Mr Shah was granted planning permission to increase the floor space of the old house by around 45 per cent, and to build a new roof, but the council says he has far exceeded that, effectively making it a ‘new build’. He applied for retrospective planning permission for what he calls the ‘minor adjustments’ to the bungalow, but it was refused because the house is in the green belt and an area of outstanding natural beauty.
Yesterday Mr Shah, 45, a director of a beauty salon, who is appealing against the decision, admitted he ‘bent the rules slightly’.

But he disputes the council’s claim that he has increased the floor space by 200 per cent and questions why it waited until the end of the 18-month construction before ordering his new home to be razed to the ground.

He said: ‘The council haven’t done their homework properly before issuing an enforcement notice.

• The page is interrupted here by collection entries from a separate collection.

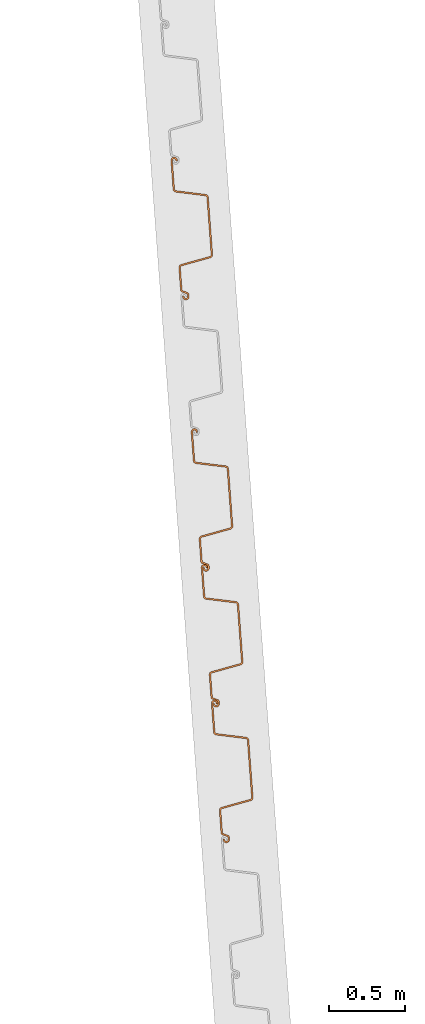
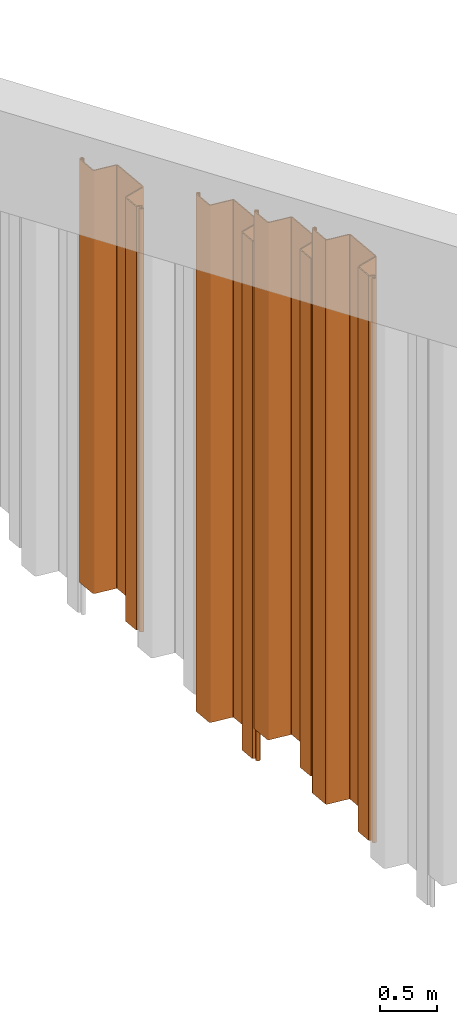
# One storey, part 6 of 15: 4 proxies.
"""IFC2X3 building model written with IfcOpenShell, lengths in millimetres."""

from ifc_helpers import new_model, entity, si_unit, converted_unit, derived_unit, direction, frame, frame_2d, origin, place, context, subcontext, project, spatial, polyline, circle_curve, parameter, trimmed, segment, composite_curve, outline, extrude, source, transform, mapped, material, type_object, type_shapes, element, save


model = new_model("IFC2X3")

# Units and contexts
model_context = context("Model", 3, precision=0.01, world=origin(), true_north=direction((6.12303176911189e-17, 1.0)))
body_context = subcontext(model_context, "Body", "Model", "MODEL_VIEW")
ifc_project = project(units=[si_unit("LENGTHUNIT", "METRE", prefix="MILLI"), si_unit("AREAUNIT", "SQUARE_METRE"), si_unit("VOLUMEUNIT", "CUBIC_METRE"), converted_unit("PLANEANGLEUNIT", "DEGREE", entity("IfcRatioMeasure", 0.0174532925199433), si_unit("PLANEANGLEUNIT", "RADIAN"), dimensions=[0, 0, 0, 0, 0, 0, 0]), si_unit("MASSUNIT", "GRAM", prefix="KILO"), derived_unit("MASSDENSITYUNIT", [(si_unit("MASSUNIT", "GRAM", prefix="KILO"), 1), (si_unit("LENGTHUNIT", "METRE"), -3)]), derived_unit("MOMENTOFINERTIAUNIT", [(si_unit("LENGTHUNIT", "METRE"), 4)]), si_unit("TIMEUNIT", "SECOND"), si_unit("FREQUENCYUNIT", "HERTZ"), si_unit("THERMODYNAMICTEMPERATUREUNIT", "DEGREE_CELSIUS"), derived_unit("THERMALTRANSMITTANCEUNIT", [(si_unit("MASSUNIT", "GRAM", prefix="KILO"), 1), (si_unit("THERMODYNAMICTEMPERATUREUNIT", "KELVIN"), -1), (si_unit("TIMEUNIT", "SECOND"), -3)]), derived_unit("VOLUMETRICFLOWRATEUNIT", [(si_unit("LENGTHUNIT", "METRE"), 3), (si_unit("TIMEUNIT", "SECOND"), -1)]), si_unit("ELECTRICCURRENTUNIT", "AMPERE"), si_unit("ELECTRICVOLTAGEUNIT", "VOLT"), si_unit("POWERUNIT", "WATT"), si_unit("FORCEUNIT", "NEWTON", prefix="KILO"), si_unit("ILLUMINANCEUNIT", "LUX"), si_unit("LUMINOUSFLUXUNIT", "LUMEN"), si_unit("LUMINOUSINTENSITYUNIT", "CANDELA"), derived_unit("USERDEFINED", [(si_unit("MASSUNIT", "GRAM", prefix="KILO"), -1), (si_unit("LENGTHUNIT", "METRE"), -2), (si_unit("TIMEUNIT", "SECOND"), 3), (si_unit("LUMINOUSFLUXUNIT", "LUMEN"), 1)]), derived_unit("LINEARVELOCITYUNIT", [(si_unit("LENGTHUNIT", "METRE"), 1), (si_unit("TIMEUNIT", "SECOND"), -1)]), si_unit("PRESSUREUNIT", "PASCAL"), derived_unit("USERDEFINED", [(si_unit("LENGTHUNIT", "METRE"), -2), (si_unit("MASSUNIT", "GRAM", prefix="KILO"), 1), (si_unit("TIMEUNIT", "SECOND"), -2)]), derived_unit("LINEARFORCEUNIT", [(si_unit("MASSUNIT", "GRAM", prefix="KILO"), 1), (si_unit("LENGTHUNIT", "METRE"), 1), (si_unit("TIMEUNIT", "SECOND"), -2), (si_unit("LENGTHUNIT", "METRE"), -1)]), derived_unit("PLANARFORCEUNIT", [(si_unit("MASSUNIT", "GRAM", prefix="KILO"), 1), (si_unit("LENGTHUNIT", "METRE"), 1), (si_unit("TIMEUNIT", "SECOND"), -2), (si_unit("LENGTHUNIT", "METRE"), -2)])], contexts=[model_context])

# Site, building, storey
site_placement = place(None, origin())
site = spatial("IfcSite", under=ifc_project, at=site_placement, Name="Default", CompositionType="ELEMENT")
building_placement = place(site_placement, origin())
building = spatial("IfcBuilding", under=site, at=building_placement, CompositionType="ELEMENT")
storey_placement = place(building_placement, frame((0.0, 0.0, 9500.0)))
storey = spatial("IfcBuildingStorey", under=building, at=storey_placement, Name="AP+9.500", CompositionType="ELEMENT", Elevation=9500.0)

# Proxies
ifc_material = material(Name="<Unnamed>")
building_element_proxy_type_1 = type_object("IfcBuildingElementProxyType", Name="鋼矢板10H型:鋼矢板10H型", PredefinedType="NOTDEFINED", material=ifc_material)
shared_shape_1 = source(origin(), body_context, "Body", "SweptSolid", [
    extrude(outline(composite_curve([segment(trimmed(circle_curve(frame_2d((85.3662976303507, 306.644432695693), x_axis=(0.422618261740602, 0.906307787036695)), 13.885714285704), [parameter(24.9999999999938)], [parameter(90.0000000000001)], True, "PARAMETER"), True, "CONTINUOUS"), segment(polyline([(72.7815666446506, 312.512789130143), (9.8129512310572, 177.476157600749)]), True, "CONTINUOUS"), segment(trimmed(circle_curve(frame_2d((29.3891994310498, 168.347603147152), x_axis=(0.422618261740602, 0.906307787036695)), 21.6), [parameter(90.0000000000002)], [parameter(168.69006752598)], True, "PARAMETER"), True, "CONTINUOUS"), segment(polyline([(16.598697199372, 150.941769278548), (175.329723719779, 34.2998683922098)]), True, "CONTINUOUS"), segment(trimmed(circle_curve(frame_2d((168.93447260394, 25.596951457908), x_axis=(0.422618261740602, 0.906307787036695)), 10.7999999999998), [parameter(270.0)], [parameter(348.690067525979)], True, "PARAMETER"), False, "CONTINUOUS"), segment(polyline([(178.722596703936, 21.0326742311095), (18.2974003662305, -323.000269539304)]), True, "CONTINUOUS"), segment(trimmed(circle_curve(frame_2d((8.50927626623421, -318.435992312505), x_axis=(0.422618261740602, 0.906307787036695)), 10.8), [parameter(191.30993247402)], [parameter(269.999999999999)], True, "PARAMETER"), False, "CONTINUOUS"), segment(polyline([(5.95324328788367, -328.929166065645), (-185.429973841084, -282.310113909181)]), True, "CONTINUOUS"), segment(trimmed(circle_curve(frame_2d((-190.542039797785, -303.296461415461), x_axis=(0.422618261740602, 0.906307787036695)), 21.6000000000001), [parameter(11.3099324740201)], [parameter(90.0000000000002)], True, "PARAMETER"), True, "CONTINUOUS"), segment(polyline([(-210.118287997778, -294.167906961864), (-290.330886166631, -466.184378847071)]), True, "CONTINUOUS"), segment(trimmed(circle_curve(frame_2d((-270.754637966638, -475.312933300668), x_axis=(0.422618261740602, 0.906307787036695)), 21.6), [parameter(90.0000000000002)], [parameter(269.999999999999)], True, "PARAMETER"), True, "CONTINUOUS"), segment(polyline([(-251.178389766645, -484.441487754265), (-249.065298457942, -479.909948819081)]), True, "CONTINUOUS"), segment(polyline([(-249.065298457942, -479.909948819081), (-258.853422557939, -475.345671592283)]), True, "CONTINUOUS"), segment(polyline([(-258.853422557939, -475.345671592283), (-260.966513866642, -479.877210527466)]), True, "CONTINUOUS"), segment(trimmed(circle_curve(frame_2d((-270.754637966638, -475.312933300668), x_axis=(0.422618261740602, 0.906307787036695)), 10.8), [parameter(90.0000000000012)], [parameter(270.0)], True, "PARAMETER"), False, "CONTINUOUS"), segment(polyline([(-280.542762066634, -470.748656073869), (-200.330163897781, -298.732184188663)]), True, "CONTINUOUS"), segment(trimmed(circle_curve(frame_2d((-190.542039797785, -303.296461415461), x_axis=(0.422618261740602, 0.906307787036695)), 10.8), [parameter(11.3099324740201)], [parameter(89.9999999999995)], True, "PARAMETER"), False, "CONTINUOUS"), segment(polyline([(-187.986006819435, -292.803287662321), (3.39721030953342, -339.422339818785)]), True, "CONTINUOUS"), segment(trimmed(circle_curve(frame_2d((8.50927626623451, -318.435992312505), x_axis=(0.422618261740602, 0.906307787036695)), 21.6), [parameter(191.30993247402)], [parameter(270.0)], True, "PARAMETER"), True, "CONTINUOUS"), segment(polyline([(28.0855244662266, -327.564546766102), (188.510720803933, 16.4683970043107)]), True, "CONTINUOUS"), segment(trimmed(circle_curve(frame_2d((168.93447260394, 25.5969514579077), x_axis=(0.422618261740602, 0.906307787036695)), 21.6), [parameter(270.0)], [parameter(348.69006752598)], True, "PARAMETER"), True, "CONTINUOUS"), segment(polyline([(181.724974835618, 43.0027853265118), (22.9939483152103, 159.644686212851)]), True, "CONTINUOUS"), segment(trimmed(circle_curve(frame_2d((29.3891994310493, 168.347603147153), x_axis=(0.422618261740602, 0.906307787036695)), 10.7999999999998), [parameter(89.9999999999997)], [parameter(168.690067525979)], True, "PARAMETER"), False, "CONTINUOUS"), segment(polyline([(19.6010753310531, 172.911880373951), (82.5696907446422, 307.948511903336)]), True, "CONTINUOUS"), segment(trimmed(circle_curve(frame_2d((85.3662976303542, 306.64443269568), x_axis=(0.422618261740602, 0.906307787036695)), 3.08571428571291), [parameter(25.0000000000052)], [parameter(90.0000000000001)], True, "PARAMETER"), False, "CONTINUOUS"), segment(polyline([(85.3662976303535, 309.730146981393), (122.220231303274, 309.730146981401)]), True, "CONTINUOUS"), segment(trimmed(circle_curve(frame_2d((122.220231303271, 323.615861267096), x_axis=(0.422618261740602, 0.906307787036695)), 13.8857142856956), [parameter(205.000000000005)], [parameter(270.0)], True, "PARAMETER"), True, "CONTINUOUS"), segment(polyline([(134.804962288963, 317.747504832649), (141.079261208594, 331.202782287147)]), True, "CONTINUOUS"), segment(trimmed(circle_curve(frame_2d((121.503013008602, 340.331336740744), x_axis=(0.422618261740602, 0.906307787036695)), 21.6), [parameter(270.0)], [parameter(90.0000000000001)], True, "PARAMETER"), True, "CONTINUOUS"), segment(polyline([(101.926764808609, 349.459891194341), (99.8136734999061, 344.928352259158)]), True, "CONTINUOUS"), segment(polyline([(99.8136734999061, 344.928352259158), (109.601797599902, 340.364075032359)]), True, "CONTINUOUS"), segment(polyline([(109.601797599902, 340.364075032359), (111.714888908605, 344.895613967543)]), True, "CONTINUOUS"), segment(trimmed(circle_curve(frame_2d((121.503013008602, 340.331336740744), x_axis=(0.422618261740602, 0.906307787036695)), 10.8), [parameter(270.0)], [parameter(89.9999999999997)], True, "PARAMETER"), False, "CONTINUOUS"), segment(polyline([(131.291137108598, 335.767059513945), (125.01683818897, 322.311782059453)]), True, "CONTINUOUS"), segment(trimmed(circle_curve(frame_2d((122.220231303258, 323.615861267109), x_axis=(0.422618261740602, 0.906307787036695)), 3.08571428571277), [parameter(204.999999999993)], [parameter(270.0)], True, "PARAMETER"), False, "CONTINUOUS"), segment(polyline([(122.220231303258, 320.530146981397), (85.3662976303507, 320.530146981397)]), True, "CONTINUOUS")], self_intersect=False)), frame((95.205667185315, -48.8888888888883, -4500.0), z_axis=(0.0, 0.0, -1.0), x_axis=(0.4226182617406, 0.906307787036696, 0.0)), (0.0, 0.0, -1.0), 4500.0),
])
type_shapes(building_element_proxy_type_1, [shared_shape_1])
proxy_1_placement = place(storey_placement, frame((-91400.2896402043, 20193.861543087, 809.453726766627), z_axis=(0.0, 0.0, 1.0), x_axis=(0.0743258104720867, -0.997234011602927, 0.0)))
element("IfcBuildingElementProxy", 1, at=proxy_1_placement, inside=storey, type_object=building_element_proxy_type_1, material=ifc_material, Name="鋼矢板10H型:鋼矢板10H型", ObjectType="鋼矢板10H型:鋼矢板10H型", context=body_context, shape_type="MappedRepresentation", body=[
    mapped(shared_shape_1, transform((0.0, 0.0, 0.0), scale=1.0)),
])
building_element_proxy_type_2 = type_object("IfcBuildingElementProxyType", Name="鋼矢板10H型:鋼矢板10H型", PredefinedType="NOTDEFINED", material=ifc_material)
shared_shape_2 = source(origin(), body_context, "Body", "SweptSolid", [
    extrude(outline(composite_curve([segment(trimmed(circle_curve(frame_2d((85.3662976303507, 306.644432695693), x_axis=(0.422618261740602, 0.906307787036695)), 13.885714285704), [parameter(24.9999999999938)], [parameter(90.0000000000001)], True, "PARAMETER"), True, "CONTINUOUS"), segment(polyline([(72.7815666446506, 312.512789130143), (9.8129512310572, 177.476157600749)]), True, "CONTINUOUS"), segment(trimmed(circle_curve(frame_2d((29.3891994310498, 168.347603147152), x_axis=(0.422618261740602, 0.906307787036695)), 21.6), [parameter(90.0000000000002)], [parameter(168.69006752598)], True, "PARAMETER"), True, "CONTINUOUS"), segment(polyline([(16.598697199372, 150.941769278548), (175.329723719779, 34.2998683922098)]), True, "CONTINUOUS"), segment(trimmed(circle_curve(frame_2d((168.93447260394, 25.596951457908), x_axis=(0.422618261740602, 0.906307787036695)), 10.7999999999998), [parameter(270.0)], [parameter(348.690067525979)], True, "PARAMETER"), False, "CONTINUOUS"), segment(polyline([(178.722596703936, 21.0326742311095), (18.2974003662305, -323.000269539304)]), True, "CONTINUOUS"), segment(trimmed(circle_curve(frame_2d((8.50927626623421, -318.435992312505), x_axis=(0.422618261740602, 0.906307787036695)), 10.8), [parameter(191.30993247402)], [parameter(269.999999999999)], True, "PARAMETER"), False, "CONTINUOUS"), segment(polyline([(5.95324328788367, -328.929166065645), (-185.429973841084, -282.310113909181)]), True, "CONTINUOUS"), segment(trimmed(circle_curve(frame_2d((-190.542039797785, -303.296461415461), x_axis=(0.422618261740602, 0.906307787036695)), 21.6000000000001), [parameter(11.3099324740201)], [parameter(90.0000000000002)], True, "PARAMETER"), True, "CONTINUOUS"), segment(polyline([(-210.118287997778, -294.167906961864), (-290.330886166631, -466.184378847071)]), True, "CONTINUOUS"), segment(trimmed(circle_curve(frame_2d((-270.754637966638, -475.312933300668), x_axis=(0.422618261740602, 0.906307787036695)), 21.6), [parameter(90.0000000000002)], [parameter(269.999999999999)], True, "PARAMETER"), True, "CONTINUOUS"), segment(polyline([(-251.178389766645, -484.441487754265), (-249.065298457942, -479.909948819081)]), True, "CONTINUOUS"), segment(polyline([(-249.065298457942, -479.909948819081), (-258.853422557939, -475.345671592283)]), True, "CONTINUOUS"), segment(polyline([(-258.853422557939, -475.345671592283), (-260.966513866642, -479.877210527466)]), True, "CONTINUOUS"), segment(trimmed(circle_curve(frame_2d((-270.754637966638, -475.312933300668), x_axis=(0.422618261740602, 0.906307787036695)), 10.8), [parameter(90.0000000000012)], [parameter(270.0)], True, "PARAMETER"), False, "CONTINUOUS"), segment(polyline([(-280.542762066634, -470.748656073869), (-200.330163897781, -298.732184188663)]), True, "CONTINUOUS"), segment(trimmed(circle_curve(frame_2d((-190.542039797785, -303.296461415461), x_axis=(0.422618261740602, 0.906307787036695)), 10.8), [parameter(11.3099324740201)], [parameter(89.9999999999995)], True, "PARAMETER"), False, "CONTINUOUS"), segment(polyline([(-187.986006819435, -292.803287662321), (3.39721030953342, -339.422339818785)]), True, "CONTINUOUS"), segment(trimmed(circle_curve(frame_2d((8.50927626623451, -318.435992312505), x_axis=(0.422618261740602, 0.906307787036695)), 21.6), [parameter(191.30993247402)], [parameter(270.0)], True, "PARAMETER"), True, "CONTINUOUS"), segment(polyline([(28.0855244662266, -327.564546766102), (188.510720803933, 16.4683970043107)]), True, "CONTINUOUS"), segment(trimmed(circle_curve(frame_2d((168.93447260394, 25.5969514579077), x_axis=(0.422618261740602, 0.906307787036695)), 21.6), [parameter(270.0)], [parameter(348.69006752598)], True, "PARAMETER"), True, "CONTINUOUS"), segment(polyline([(181.724974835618, 43.0027853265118), (22.9939483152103, 159.644686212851)]), True, "CONTINUOUS"), segment(trimmed(circle_curve(frame_2d((29.3891994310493, 168.347603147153), x_axis=(0.422618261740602, 0.906307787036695)), 10.7999999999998), [parameter(89.9999999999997)], [parameter(168.690067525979)], True, "PARAMETER"), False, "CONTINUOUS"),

‘Their 200 per cent figure is ridiculous. They have lost the plot. I have measured it myself and I’ve increased it by 12 to 15 per cent. Yes, I have bent the rules slightly. But I only did it to make it aesthetically more pleasing. The old building was dilapidated; it was just awful. It was ugly and people have said it looked like a caravan site.
‘Yes, we have made some minor adjustments, but I don’t see the decision that has been made justifies demolishing the house.

‘I apologise for bending the rules, but the building has been going on for months.’

He bought the five-bedroom bungalow in the village of Barton-Le-Clay in Bedfordshire for £750,000 in 2008, and started work on extending it.

Called The White House, it is set back 200ft from the road and approached by a winding driveway, with the nearest neighbours 20 yards away on either side.

There have been 11 formal complaints from neighbours, who say the property ‘clashes with other houses on the road’ and it ‘sticks out like a sore thumb’. The parish council also says it is ‘out of character’ and ‘disproportionate’.

But Mr Shah countered: ‘It doesn’t overlook anyone, and you’ve always been able to see it from the road.’

Councillor Nigel Young said: ‘Councils must follow planning law and planning regulation and this is well outside planning regulation, so we are obliged, as we are with all cases of unlawful development, to act on behalf of all our residents and issue enforcement notices.’